• Records supplied
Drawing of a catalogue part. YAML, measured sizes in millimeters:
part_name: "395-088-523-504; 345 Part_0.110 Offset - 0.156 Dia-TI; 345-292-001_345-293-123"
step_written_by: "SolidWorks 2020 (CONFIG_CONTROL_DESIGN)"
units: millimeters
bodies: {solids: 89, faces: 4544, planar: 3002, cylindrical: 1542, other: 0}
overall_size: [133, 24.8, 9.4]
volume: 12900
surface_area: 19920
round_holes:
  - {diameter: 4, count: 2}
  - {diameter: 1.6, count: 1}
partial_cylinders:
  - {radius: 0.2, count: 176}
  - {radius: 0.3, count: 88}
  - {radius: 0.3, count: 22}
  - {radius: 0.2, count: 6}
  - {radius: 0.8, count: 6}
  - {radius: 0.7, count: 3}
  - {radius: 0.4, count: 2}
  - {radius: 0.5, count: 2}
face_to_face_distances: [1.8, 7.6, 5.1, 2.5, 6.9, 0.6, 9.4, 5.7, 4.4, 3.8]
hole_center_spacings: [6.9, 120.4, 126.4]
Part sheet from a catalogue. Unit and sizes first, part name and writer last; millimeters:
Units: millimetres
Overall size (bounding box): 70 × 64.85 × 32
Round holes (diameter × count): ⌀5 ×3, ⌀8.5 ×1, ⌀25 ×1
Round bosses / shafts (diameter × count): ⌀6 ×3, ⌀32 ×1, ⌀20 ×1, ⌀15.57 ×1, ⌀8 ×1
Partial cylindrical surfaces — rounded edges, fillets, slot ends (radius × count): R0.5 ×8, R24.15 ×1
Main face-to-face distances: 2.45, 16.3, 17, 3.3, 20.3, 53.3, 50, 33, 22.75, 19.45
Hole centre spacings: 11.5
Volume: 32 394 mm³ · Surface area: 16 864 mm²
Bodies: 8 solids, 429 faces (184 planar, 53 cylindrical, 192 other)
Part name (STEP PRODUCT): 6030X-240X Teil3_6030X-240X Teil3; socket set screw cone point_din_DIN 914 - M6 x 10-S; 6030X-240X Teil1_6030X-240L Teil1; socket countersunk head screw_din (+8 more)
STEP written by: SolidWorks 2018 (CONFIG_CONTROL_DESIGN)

• Task
In the records, locate each line holding the string "planar" and copy it.

• Reply
bodies: {solids: 89, faces: 4544, planar: 3002, cylindrical: 1542, other: 0}
Bodies: 8 solids, 429 faces (184 planar, 53 cylindrical, 192 other)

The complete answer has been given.